Count the lines that contain the string "default" in the records beneath, and respond with the number only.

-- Exercise data follows --

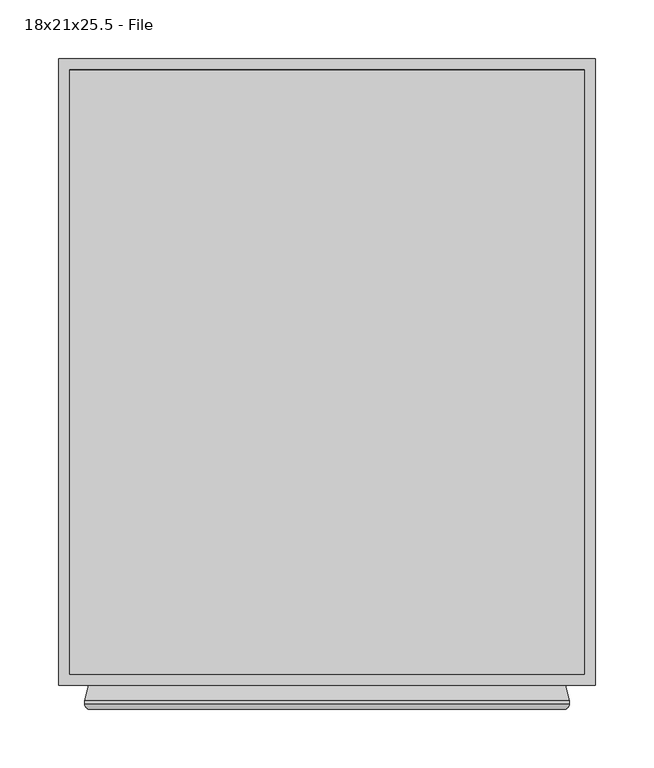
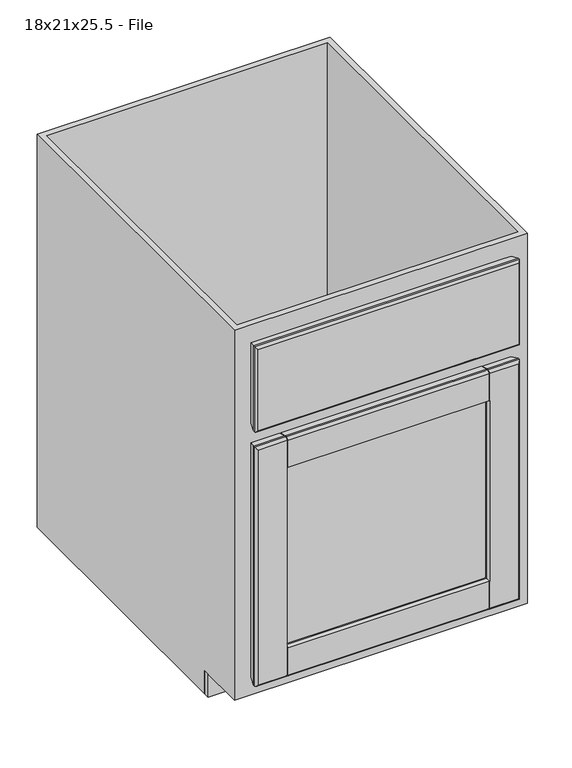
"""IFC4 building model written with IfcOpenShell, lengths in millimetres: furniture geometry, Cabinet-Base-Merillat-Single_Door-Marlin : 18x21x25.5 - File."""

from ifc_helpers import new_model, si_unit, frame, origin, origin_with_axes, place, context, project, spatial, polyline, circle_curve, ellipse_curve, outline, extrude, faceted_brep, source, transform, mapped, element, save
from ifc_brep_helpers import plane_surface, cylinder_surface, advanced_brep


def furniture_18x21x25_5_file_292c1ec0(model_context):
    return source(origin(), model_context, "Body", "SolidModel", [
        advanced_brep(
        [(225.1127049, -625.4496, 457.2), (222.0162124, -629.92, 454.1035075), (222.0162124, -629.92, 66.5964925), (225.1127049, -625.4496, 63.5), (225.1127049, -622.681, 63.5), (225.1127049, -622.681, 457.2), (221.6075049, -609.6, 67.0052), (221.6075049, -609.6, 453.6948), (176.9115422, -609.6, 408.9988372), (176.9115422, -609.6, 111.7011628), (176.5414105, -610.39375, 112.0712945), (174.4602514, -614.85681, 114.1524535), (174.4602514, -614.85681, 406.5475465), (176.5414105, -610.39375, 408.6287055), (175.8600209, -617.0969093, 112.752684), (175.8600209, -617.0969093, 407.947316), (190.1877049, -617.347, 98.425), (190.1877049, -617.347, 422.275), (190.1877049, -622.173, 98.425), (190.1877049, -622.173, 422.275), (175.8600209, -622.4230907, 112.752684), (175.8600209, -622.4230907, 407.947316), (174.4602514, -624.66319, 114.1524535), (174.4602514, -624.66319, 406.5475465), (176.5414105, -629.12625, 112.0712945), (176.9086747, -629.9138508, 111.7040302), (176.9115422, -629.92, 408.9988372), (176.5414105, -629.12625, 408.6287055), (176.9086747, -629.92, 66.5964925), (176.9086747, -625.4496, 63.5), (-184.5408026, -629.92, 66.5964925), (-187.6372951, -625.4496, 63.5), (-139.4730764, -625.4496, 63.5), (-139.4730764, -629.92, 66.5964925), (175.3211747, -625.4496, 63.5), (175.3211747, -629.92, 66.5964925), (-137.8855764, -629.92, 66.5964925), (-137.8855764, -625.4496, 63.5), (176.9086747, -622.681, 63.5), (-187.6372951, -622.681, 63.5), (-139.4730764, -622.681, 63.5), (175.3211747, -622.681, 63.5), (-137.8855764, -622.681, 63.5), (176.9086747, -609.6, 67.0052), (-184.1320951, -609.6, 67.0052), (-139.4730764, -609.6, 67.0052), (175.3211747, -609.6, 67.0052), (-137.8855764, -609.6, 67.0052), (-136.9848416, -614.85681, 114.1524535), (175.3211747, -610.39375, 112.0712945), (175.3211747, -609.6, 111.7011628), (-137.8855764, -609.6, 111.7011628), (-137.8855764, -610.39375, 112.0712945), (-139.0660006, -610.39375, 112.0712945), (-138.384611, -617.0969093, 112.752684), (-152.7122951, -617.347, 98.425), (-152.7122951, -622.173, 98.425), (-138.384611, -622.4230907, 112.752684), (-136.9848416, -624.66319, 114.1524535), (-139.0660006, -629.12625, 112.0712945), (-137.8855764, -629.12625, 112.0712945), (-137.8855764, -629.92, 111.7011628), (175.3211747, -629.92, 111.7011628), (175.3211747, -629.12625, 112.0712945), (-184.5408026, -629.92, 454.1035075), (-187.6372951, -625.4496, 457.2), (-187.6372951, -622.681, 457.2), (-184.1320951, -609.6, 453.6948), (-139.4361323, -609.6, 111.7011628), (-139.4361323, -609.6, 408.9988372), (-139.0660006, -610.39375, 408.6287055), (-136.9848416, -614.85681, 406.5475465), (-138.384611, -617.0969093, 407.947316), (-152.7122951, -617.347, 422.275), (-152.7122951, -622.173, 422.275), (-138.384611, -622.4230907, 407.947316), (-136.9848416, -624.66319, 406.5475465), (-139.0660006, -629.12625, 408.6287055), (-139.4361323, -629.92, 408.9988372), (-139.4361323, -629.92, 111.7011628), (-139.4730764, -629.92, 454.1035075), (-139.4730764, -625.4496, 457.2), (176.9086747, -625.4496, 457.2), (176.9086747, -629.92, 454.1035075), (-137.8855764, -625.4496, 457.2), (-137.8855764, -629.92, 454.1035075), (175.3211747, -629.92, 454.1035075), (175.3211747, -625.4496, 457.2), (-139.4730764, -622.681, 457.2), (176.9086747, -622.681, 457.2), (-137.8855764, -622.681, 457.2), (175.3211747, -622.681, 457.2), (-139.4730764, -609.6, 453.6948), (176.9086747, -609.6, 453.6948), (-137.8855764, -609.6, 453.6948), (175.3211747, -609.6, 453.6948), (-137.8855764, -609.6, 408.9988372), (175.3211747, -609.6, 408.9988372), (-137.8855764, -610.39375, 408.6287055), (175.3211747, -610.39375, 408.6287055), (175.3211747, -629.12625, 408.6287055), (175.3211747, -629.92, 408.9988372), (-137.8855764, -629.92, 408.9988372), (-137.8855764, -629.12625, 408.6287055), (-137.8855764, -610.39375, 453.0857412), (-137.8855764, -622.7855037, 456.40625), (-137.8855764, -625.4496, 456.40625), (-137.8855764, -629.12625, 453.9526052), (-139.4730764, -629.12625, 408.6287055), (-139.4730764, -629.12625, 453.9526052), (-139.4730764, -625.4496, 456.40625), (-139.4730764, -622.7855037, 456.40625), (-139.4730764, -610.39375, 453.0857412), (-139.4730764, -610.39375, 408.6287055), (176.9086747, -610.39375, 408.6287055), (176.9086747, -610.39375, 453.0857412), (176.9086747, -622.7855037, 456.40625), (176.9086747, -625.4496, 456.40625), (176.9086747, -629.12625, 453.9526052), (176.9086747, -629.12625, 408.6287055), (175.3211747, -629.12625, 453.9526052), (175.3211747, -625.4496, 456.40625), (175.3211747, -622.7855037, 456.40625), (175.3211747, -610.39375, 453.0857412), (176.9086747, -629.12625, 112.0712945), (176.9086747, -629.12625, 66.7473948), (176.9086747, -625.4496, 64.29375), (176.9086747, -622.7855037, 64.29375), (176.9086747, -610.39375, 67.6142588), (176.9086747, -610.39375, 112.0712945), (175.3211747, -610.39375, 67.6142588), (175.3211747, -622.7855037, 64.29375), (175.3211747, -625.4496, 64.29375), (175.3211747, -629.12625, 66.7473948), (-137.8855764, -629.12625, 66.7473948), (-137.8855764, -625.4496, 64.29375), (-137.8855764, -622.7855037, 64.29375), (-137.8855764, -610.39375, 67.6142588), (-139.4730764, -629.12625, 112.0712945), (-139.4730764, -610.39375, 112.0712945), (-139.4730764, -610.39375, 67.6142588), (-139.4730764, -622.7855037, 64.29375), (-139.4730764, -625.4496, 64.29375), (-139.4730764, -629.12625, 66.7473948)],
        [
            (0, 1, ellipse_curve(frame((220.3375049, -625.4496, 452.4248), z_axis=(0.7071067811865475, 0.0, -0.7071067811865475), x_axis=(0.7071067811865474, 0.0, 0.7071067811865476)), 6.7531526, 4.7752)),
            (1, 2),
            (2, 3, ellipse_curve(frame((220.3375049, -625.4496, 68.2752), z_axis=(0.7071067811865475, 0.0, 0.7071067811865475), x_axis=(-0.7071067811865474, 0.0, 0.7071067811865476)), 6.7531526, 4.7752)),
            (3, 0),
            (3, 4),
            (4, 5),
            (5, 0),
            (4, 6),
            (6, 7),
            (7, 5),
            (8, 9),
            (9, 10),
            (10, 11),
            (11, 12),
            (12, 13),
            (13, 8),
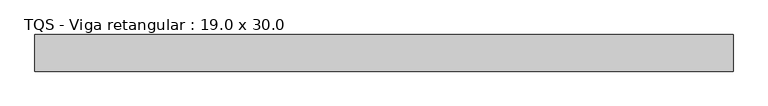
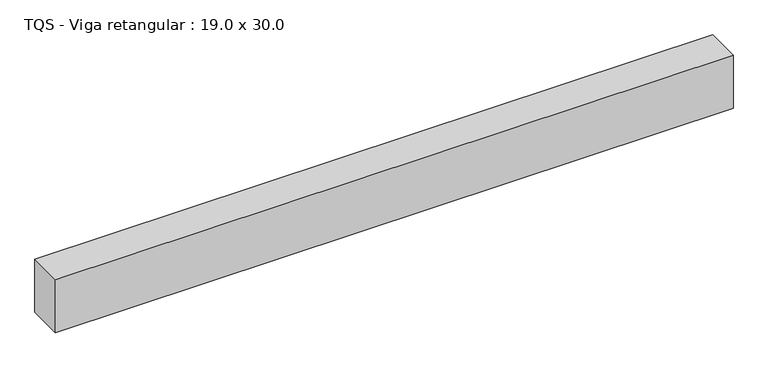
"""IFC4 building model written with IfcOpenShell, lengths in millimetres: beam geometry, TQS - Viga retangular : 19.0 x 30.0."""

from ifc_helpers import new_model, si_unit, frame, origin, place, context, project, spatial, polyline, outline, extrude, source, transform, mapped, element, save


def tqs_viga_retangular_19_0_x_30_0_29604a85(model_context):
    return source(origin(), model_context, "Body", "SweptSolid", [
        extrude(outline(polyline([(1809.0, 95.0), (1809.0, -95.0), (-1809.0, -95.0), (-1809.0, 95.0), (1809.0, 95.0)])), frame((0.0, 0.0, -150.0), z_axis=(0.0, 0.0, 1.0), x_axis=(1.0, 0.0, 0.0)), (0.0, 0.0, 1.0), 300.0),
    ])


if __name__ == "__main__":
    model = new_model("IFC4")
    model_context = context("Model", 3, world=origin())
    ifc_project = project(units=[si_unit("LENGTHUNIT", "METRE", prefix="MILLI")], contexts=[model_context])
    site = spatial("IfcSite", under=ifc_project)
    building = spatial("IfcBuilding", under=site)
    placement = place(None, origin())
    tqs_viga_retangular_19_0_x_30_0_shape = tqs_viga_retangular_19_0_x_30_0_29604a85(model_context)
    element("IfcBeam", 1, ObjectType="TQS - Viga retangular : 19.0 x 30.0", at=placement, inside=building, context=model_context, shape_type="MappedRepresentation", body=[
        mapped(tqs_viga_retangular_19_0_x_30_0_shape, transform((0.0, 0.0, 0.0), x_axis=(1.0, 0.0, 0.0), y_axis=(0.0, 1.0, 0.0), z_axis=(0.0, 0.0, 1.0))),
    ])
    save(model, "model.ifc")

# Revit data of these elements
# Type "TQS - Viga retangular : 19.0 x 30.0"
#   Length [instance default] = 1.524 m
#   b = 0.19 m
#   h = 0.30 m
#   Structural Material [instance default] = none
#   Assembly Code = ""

-- Exercise data concluded --

_Reply_
2